▶ [Task directions] Your task is to transcribe the lines from the start of the data below through the line containing "-19.7196), (-1.4142136, 1.4142136), [])]", inclusive, exactly as they stand and without the pictures.

(Stored items)

☆ ☆ ☆ ☆

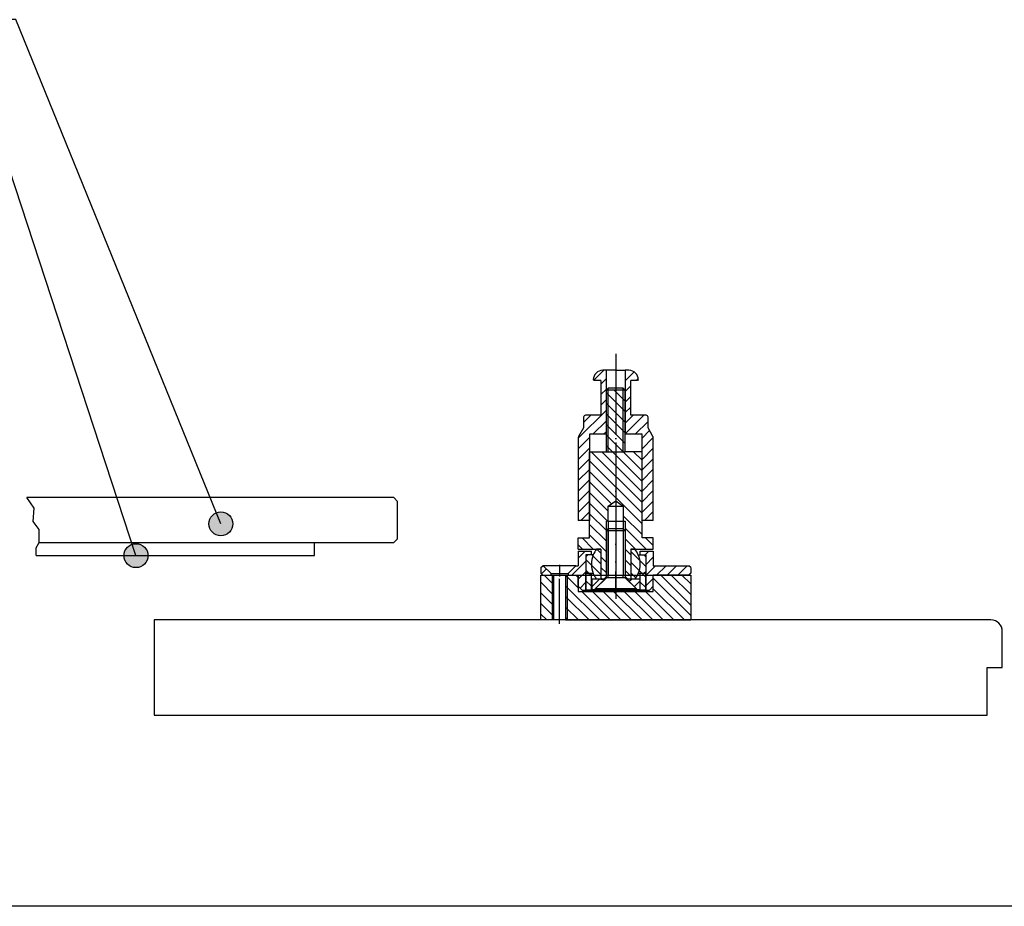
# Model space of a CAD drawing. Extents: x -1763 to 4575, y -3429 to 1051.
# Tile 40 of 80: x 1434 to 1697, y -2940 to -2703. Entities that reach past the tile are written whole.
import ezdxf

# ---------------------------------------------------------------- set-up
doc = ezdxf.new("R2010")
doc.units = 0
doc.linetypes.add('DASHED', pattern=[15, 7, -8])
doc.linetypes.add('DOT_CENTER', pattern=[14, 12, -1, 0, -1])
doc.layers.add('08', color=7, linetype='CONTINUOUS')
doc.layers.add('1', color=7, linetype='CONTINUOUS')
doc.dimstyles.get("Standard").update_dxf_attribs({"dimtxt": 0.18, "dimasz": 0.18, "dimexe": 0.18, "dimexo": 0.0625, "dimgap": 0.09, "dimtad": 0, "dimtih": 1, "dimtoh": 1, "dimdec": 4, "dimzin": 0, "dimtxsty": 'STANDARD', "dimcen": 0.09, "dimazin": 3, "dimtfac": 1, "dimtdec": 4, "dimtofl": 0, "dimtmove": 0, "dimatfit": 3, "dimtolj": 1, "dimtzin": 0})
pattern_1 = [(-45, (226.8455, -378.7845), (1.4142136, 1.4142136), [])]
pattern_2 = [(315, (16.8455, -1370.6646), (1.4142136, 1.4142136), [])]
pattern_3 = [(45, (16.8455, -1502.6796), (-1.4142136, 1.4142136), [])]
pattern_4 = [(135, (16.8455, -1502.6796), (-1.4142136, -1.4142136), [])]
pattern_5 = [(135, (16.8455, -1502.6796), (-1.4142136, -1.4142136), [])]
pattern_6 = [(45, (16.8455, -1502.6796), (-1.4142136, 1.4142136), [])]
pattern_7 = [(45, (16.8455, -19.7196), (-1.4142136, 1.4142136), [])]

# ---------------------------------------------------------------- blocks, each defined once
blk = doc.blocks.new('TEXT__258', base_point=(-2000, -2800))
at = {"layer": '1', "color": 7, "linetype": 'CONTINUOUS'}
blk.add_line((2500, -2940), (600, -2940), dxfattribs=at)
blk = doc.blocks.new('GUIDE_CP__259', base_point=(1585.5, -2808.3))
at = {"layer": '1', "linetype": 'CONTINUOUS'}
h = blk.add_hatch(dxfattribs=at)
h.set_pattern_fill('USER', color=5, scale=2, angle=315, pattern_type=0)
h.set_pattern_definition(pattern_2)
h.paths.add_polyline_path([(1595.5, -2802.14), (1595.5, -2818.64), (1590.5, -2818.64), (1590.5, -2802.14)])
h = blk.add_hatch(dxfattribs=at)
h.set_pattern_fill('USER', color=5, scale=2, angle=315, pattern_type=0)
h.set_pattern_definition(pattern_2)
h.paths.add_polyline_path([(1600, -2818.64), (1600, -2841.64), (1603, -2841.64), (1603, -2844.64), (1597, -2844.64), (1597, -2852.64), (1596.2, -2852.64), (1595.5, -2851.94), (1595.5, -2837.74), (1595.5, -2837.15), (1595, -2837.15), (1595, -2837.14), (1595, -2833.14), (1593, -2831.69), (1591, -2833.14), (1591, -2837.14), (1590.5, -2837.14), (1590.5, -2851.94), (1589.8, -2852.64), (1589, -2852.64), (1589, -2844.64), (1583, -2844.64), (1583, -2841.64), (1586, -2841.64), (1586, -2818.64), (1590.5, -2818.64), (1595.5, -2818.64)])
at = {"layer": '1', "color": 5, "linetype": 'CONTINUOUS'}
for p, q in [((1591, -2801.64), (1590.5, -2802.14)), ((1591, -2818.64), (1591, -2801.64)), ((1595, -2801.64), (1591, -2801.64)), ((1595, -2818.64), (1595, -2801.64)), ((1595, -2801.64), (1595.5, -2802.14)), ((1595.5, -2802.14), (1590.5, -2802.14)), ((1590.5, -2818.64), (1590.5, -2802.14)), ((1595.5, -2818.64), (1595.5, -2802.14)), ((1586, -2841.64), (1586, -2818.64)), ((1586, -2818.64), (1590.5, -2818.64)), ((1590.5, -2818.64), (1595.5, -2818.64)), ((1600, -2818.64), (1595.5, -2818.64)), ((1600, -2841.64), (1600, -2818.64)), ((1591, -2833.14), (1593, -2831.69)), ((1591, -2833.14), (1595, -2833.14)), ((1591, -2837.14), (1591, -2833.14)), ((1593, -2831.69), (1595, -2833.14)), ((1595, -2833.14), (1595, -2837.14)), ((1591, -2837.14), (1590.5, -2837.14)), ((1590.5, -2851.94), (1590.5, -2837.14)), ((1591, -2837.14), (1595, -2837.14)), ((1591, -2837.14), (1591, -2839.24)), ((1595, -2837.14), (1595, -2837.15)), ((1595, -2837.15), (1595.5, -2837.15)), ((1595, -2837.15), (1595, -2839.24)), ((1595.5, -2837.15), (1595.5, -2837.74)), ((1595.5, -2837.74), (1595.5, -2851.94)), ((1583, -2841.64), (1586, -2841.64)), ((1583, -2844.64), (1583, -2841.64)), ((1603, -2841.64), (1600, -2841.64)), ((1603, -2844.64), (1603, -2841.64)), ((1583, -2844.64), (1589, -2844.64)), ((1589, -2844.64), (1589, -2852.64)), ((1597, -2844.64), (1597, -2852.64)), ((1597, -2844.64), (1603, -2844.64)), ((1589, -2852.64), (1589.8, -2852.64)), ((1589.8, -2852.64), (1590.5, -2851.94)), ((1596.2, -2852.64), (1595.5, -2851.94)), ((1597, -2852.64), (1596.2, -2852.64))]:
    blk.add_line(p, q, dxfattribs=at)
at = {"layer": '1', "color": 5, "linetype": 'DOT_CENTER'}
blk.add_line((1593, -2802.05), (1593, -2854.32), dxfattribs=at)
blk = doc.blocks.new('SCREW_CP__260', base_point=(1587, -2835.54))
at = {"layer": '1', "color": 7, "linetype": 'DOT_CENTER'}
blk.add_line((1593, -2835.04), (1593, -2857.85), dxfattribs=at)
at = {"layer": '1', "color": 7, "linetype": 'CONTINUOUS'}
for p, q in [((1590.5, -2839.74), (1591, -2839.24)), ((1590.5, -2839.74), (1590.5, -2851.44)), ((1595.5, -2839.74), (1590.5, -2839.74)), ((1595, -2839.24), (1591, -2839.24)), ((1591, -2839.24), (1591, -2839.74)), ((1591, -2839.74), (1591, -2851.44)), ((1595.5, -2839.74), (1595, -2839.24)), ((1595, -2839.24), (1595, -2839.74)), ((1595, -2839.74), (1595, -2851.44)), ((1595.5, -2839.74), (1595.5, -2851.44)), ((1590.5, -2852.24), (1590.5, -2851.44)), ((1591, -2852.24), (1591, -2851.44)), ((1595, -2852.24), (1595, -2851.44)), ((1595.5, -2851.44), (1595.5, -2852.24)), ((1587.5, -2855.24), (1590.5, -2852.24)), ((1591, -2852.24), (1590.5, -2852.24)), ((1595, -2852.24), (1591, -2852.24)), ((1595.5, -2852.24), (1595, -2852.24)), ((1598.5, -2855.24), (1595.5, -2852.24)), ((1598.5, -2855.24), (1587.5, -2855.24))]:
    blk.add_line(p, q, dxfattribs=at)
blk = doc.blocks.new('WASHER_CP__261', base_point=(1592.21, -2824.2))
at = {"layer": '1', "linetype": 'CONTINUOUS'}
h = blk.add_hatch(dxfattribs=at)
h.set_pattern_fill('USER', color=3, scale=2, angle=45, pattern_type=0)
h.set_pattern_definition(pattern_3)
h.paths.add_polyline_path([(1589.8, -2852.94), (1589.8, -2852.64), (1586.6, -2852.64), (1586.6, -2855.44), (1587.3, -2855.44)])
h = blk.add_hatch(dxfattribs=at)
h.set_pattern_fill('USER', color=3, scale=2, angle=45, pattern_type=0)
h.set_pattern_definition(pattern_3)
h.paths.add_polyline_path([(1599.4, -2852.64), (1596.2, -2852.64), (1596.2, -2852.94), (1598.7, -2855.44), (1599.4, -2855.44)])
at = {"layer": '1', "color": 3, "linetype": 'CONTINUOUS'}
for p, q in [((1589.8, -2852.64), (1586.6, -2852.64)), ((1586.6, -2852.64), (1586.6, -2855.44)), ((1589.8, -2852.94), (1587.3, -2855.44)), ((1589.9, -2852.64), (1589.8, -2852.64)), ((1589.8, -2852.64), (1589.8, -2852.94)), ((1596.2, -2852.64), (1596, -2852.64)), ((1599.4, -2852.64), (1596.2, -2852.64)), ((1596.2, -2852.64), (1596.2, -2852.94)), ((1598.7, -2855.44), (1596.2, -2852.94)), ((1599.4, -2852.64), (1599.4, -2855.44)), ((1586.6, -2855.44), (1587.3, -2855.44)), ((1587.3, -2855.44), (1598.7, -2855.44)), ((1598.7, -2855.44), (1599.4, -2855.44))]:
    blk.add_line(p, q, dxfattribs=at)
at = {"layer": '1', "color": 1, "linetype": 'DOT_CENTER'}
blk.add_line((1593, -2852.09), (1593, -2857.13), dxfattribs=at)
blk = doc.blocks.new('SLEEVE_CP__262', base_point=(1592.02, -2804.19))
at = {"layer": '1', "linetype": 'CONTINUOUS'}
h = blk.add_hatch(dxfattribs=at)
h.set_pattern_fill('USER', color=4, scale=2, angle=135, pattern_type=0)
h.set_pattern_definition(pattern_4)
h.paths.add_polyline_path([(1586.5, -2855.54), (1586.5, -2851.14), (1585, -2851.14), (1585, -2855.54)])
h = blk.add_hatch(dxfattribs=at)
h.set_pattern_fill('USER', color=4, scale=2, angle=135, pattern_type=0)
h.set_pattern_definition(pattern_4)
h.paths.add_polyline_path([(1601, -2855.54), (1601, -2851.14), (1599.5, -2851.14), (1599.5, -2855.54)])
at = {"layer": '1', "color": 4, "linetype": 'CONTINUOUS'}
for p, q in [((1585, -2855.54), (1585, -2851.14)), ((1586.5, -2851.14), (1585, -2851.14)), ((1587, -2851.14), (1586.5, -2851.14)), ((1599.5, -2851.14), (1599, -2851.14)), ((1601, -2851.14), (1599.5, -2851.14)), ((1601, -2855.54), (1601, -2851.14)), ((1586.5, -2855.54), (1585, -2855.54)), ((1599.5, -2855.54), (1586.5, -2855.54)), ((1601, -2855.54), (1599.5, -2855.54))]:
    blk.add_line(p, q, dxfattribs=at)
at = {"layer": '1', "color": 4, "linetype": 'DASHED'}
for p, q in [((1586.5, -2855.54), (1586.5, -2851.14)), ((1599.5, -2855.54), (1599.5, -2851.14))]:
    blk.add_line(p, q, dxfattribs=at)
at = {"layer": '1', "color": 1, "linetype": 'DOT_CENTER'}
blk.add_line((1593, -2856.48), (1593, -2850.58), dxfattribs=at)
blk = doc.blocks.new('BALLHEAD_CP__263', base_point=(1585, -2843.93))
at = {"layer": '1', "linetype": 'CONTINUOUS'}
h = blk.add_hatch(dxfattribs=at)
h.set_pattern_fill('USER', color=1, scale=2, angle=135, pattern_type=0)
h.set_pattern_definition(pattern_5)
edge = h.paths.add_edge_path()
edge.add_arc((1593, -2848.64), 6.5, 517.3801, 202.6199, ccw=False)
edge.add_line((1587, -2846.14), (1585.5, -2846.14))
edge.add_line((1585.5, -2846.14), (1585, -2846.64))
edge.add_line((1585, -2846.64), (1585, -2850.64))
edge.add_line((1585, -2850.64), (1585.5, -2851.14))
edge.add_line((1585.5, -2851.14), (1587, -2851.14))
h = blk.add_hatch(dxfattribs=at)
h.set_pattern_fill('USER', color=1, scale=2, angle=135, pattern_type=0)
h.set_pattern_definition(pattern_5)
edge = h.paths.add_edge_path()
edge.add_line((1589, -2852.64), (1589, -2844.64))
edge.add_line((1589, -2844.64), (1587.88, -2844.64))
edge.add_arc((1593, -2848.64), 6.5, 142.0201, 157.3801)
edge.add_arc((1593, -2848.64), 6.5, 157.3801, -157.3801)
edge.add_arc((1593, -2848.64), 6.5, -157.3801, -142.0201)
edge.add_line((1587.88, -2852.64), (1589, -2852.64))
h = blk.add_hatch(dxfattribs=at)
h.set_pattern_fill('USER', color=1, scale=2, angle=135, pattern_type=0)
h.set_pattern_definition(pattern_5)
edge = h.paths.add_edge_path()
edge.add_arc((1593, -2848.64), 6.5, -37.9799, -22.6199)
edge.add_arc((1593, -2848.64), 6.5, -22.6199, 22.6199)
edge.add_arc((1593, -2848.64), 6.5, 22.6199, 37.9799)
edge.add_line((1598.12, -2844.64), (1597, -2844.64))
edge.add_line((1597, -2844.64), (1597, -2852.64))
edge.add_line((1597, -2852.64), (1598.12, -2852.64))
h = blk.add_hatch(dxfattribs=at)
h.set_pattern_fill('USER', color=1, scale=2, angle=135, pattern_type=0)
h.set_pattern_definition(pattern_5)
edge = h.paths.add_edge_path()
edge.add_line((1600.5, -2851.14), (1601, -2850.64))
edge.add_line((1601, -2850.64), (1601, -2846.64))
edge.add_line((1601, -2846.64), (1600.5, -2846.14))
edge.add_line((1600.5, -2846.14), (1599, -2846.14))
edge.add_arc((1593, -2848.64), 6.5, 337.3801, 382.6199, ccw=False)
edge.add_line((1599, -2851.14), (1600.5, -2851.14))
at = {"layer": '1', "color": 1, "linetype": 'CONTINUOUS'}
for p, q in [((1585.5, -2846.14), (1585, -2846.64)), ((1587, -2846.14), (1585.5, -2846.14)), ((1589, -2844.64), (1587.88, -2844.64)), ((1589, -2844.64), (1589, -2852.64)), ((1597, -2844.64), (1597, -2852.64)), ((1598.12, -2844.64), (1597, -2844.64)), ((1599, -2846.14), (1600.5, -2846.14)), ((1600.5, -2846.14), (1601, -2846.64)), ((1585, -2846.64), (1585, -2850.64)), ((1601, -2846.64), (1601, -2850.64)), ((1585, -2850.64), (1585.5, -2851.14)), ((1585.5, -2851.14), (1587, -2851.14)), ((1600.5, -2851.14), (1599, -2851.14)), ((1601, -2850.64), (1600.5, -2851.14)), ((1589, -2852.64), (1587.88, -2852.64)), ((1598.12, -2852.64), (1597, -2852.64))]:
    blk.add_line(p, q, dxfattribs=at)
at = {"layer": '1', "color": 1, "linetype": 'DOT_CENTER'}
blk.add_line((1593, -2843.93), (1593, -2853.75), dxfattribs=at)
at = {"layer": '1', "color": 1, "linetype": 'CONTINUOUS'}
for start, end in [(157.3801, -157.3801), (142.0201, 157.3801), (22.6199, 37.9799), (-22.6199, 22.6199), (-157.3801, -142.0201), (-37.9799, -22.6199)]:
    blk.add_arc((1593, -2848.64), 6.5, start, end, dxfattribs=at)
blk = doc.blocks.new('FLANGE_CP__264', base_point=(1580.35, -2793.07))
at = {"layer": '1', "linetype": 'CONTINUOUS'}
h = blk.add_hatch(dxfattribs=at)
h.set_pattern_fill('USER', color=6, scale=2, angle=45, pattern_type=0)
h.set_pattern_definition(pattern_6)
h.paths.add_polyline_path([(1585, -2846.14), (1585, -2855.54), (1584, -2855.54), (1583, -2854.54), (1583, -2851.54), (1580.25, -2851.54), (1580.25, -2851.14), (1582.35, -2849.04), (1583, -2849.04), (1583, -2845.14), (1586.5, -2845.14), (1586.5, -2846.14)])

☆ ☆ ☆ ☆

▶ [Solution to this exercise]
# Model space of a CAD drawing. Extents: x -1763 to 4575, y -3429 to 1051.
# Tile 40 of 80: x 1434 to 1697, y -2940 to -2703. Entities that reach past the tile are written whole.
import ezdxf

# ---------------------------------------------------------------- set-up
doc = ezdxf.new("R2010")
doc.units = 0
doc.linetypes.add('DASHED', pattern=[15, 7, -8])
doc.linetypes.add('DOT_CENTER', pattern=[14, 12, -1, 0, -1])
doc.layers.add('08', color=7, linetype='CONTINUOUS')
doc.layers.add('1', color=7, linetype='CONTINUOUS')
doc.dimstyles.get("Standard").update_dxf_attribs({"dimtxt": 0.18, "dimasz": 0.18, "dimexe": 0.18, "dimexo": 0.0625, "dimgap": 0.09, "dimtad": 0, "dimtih": 1, "dimtoh": 1, "dimdec": 4, "dimzin": 0, "dimtxsty": 'STANDARD', "dimcen": 0.09, "dimazin": 3, "dimtfac": 1, "dimtdec": 4, "dimtofl": 0, "dimtmove": 0, "dimatfit": 3, "dimtolj": 1, "dimtzin": 0})
pattern_1 = [(-45, (226.8455, -378.7845), (1.4142136, 1.4142136), [])]
pattern_2 = [(315, (16.8455, -1370.6646), (1.4142136, 1.4142136), [])]
pattern_3 = [(45, (16.8455, -1502.6796), (-1.4142136, 1.4142136), [])]
pattern_4 = [(135, (16.8455, -1502.6796), (-1.4142136, -1.4142136), [])]
pattern_5 = [(135, (16.8455, -1502.6796), (-1.4142136, -1.4142136), [])]
pattern_6 = [(45, (16.8455, -1502.6796), (-1.4142136, 1.4142136), [])]
pattern_7 = [(45, (16.8455, -19.7196), (-1.4142136, 1.4142136), [])]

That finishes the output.